2025 Poland Wiper Attacks is a Russian state-sponsored campaign that conducted destructive cyberattacks against Polish energy infrastructure in December 2025. Targets included more than 30 wind and photovoltaic farms, a combined heat and power (CHP) plant, and a manufacturing sector company. The attacks on the distributed energy resources (DER) disrupted communications between affected facilities and the distribution system operator, but did not impact electricity generation or heat supply. Across the campaign, threat actors deployed two previously undocumented wiper tools, DynoWiper, a Windows-based wiper and LazyWiper, a PowerShell wiper, distributed via malicious Group Policy Objects. At the CHP plant, threat actors had maintained access since at least March 2025, using that foothold to obtain credentials and move laterally before attempting wiper deployment. Some reporting has assessed the activity to be consistent with Russian Federal Security Service (FSB) threat activity group Dragonfly, also tracked as STATIC TUNDRA, while other reporting attributes the destructive wiper activities to the Russian General Staff Main Intelligence Directorate (GRU) threat activity group ELECTRUM, also tracked as Sandworm Team.[1][2][3][4]

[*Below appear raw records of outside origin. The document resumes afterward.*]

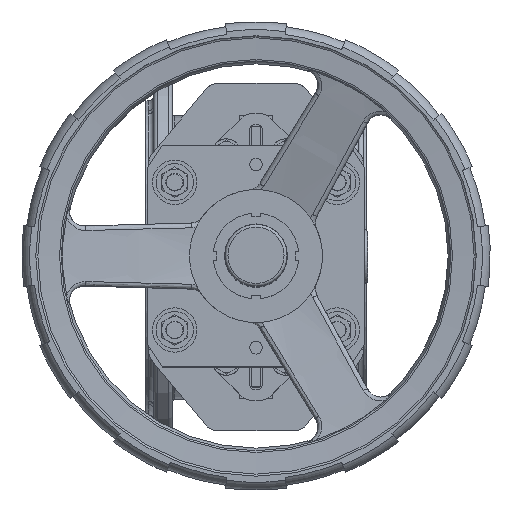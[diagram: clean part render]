
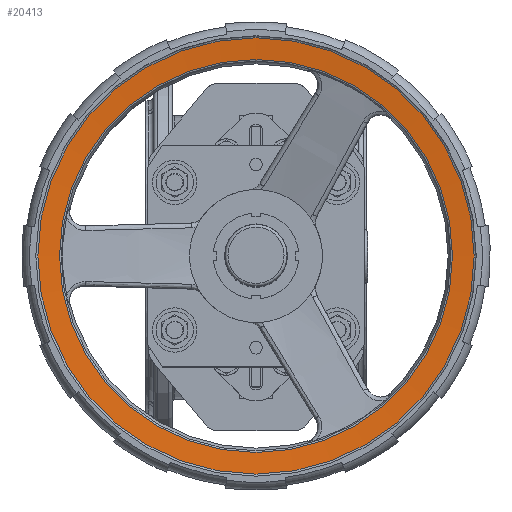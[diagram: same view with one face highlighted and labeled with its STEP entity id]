
A CAD part, top view. The second image highlights one B-rep face of the part: STEP entity #20413.
In plain terms, the highlighted conical face has half-angle 85 degrees and reference radius 149 mm.
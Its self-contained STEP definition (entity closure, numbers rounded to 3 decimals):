
#1191=CONICAL_SURFACE('',#22364,149.,1.484);
#1536=FACE_BOUND('',#5176,.T.);
#2645=CIRCLE('',#22365,132.967);
#2646=CIRCLE('',#22366,147.631);
#3673=FACE_OUTER_BOUND('',#5175,.T.);
#5175=EDGE_LOOP('',(#14658));
#5176=EDGE_LOOP('',(#14659));
#9499=VERTEX_POINT('',#35149);
#9500=VERTEX_POINT('',#35151);
#11531=EDGE_CURVE('',#9499,#9499,#2645,.T.);
#11532=EDGE_CURVE('',#9500,#9500,#2646,.T.);
#14658=ORIENTED_EDGE('',*,*,#11531,.T.);
#14659=ORIENTED_EDGE('',*,*,#11532,.T.);
#20413=ADVANCED_FACE('',(#3673,#1536),#1191,.F.);
#22364=AXIS2_PLACEMENT_3D('',#35148,#25853,#25854);
#22365=AXIS2_PLACEMENT_3D('',#35150,#25855,#25856);
#22366=AXIS2_PLACEMENT_3D('',#35152,#25857,#25858);
#25853=DIRECTION('center_axis',(0.,0.,
1.));
#25854=DIRECTION('ref_axis',(0.,1.,0.));
#25855=DIRECTION('center_axis',(0.,0.,
-1.));
#25856=DIRECTION('ref_axis',(0.,-1.,0.));
#25857=DIRECTION('center_axis',(0.,0.,
1.));
#25858=DIRECTION('ref_axis',(0.,1.,0.));
#35148=CARTESIAN_POINT('Origin',(0.,0.,
617.466));
#35149=CARTESIAN_POINT('',(0.,-132.967,616.063));
#35150=CARTESIAN_POINT('Origin',(0.,0.,
616.063));
#35151=CARTESIAN_POINT('',(0.,-147.631,617.346));
#35152=CARTESIAN_POINT('Origin',(0.,0.,
617.346));

Operation Wocao was a cyber espionage campaign that targeted organizations around the world, including in Brazil, China, France, Germany, Italy, Mexico, Portugal, Spain, the United Kingdom, and the United States. The suspected China-based actors compromised government organizations and managed service providers, as well as aviation, construction, energy, finance, health care, insurance, offshore engineering, software development, and transportation companies.[1]

Security researchers assessed the Operation Wocao actors used similar TTPs and tools as APT20, suggesting a possible overlap. Operation Wocao was named after an observed command line entry by one of the threat actors, possibly out of frustration from losing webshell access.[1]

FunnyDream was a suspected Chinese cyber espionage campaign that targeted government and foreign organizations in Malaysia, the Philippines, Taiwan, Vietnam, and other parts of Southeast Asia. Security researchers linked the FunnyDream campaign to possible Chinese-speaking threat actors through the use of the Chinoxy backdoor and noted infrastructure overlap with the TAG-16 threat group.[1][2][3]

C0026 was a campaign identified in September 2022 that included the selective distribution of KOPILUWAK and QUIETCANARY malware to previous ANDROMEDA malware victims in Ukraine through re-registered ANDROMEDA C2 domains. Several tools and tactics used during C0026 were consistent with historic Turla operations.[1]

Operation Honeybee was a campaign that targeted humanitarian aid and inter-Korean affairs organizations from at least late 2017 through early 2018. Operation Honeybee initially targeted South Korea, but expanded to include Vietnam, Singapore, Japan, Indonesia, Argentina, and Canada. Security researchers assessed the threat actors were likely Korean speakers based on metadata used in both lure documents and executables, and named the campaign "Honeybee" after the author name discovered in malicious Word documents.[1]

Cutting Edge was a campaign conducted by suspected China-nexus espionage actors, variously identified as UNC5221/UTA0178 and UNC5325, that began as early as December 2023 with the exploitation of zero-day vulnerabilities in Ivanti Connect Secure (previously Pulse Secure) VPN appliances. Cutting Edge targeted the U.S. defense industrial base and multiple sectors globally including telecommunications, financial, aerospace, and technology. Cutting Edge featured the use of defense evasion and living-off-the-land (LoTL) techniques along with the deployment of web shells and other custom malware.[1][2][3][4][5]

APT41 DUST was conducted by APT41 from 2023 to July 2024 against entities in Europe, Asia, and the Middle East. APT41 DUST targeted sectors such as shipping, logistics, and media for information gathering purposes. APT41 used previously-observed malware such as DUSTPAN as well as newly observed tools such as DUSTTRAP in APT41 DUST.[1]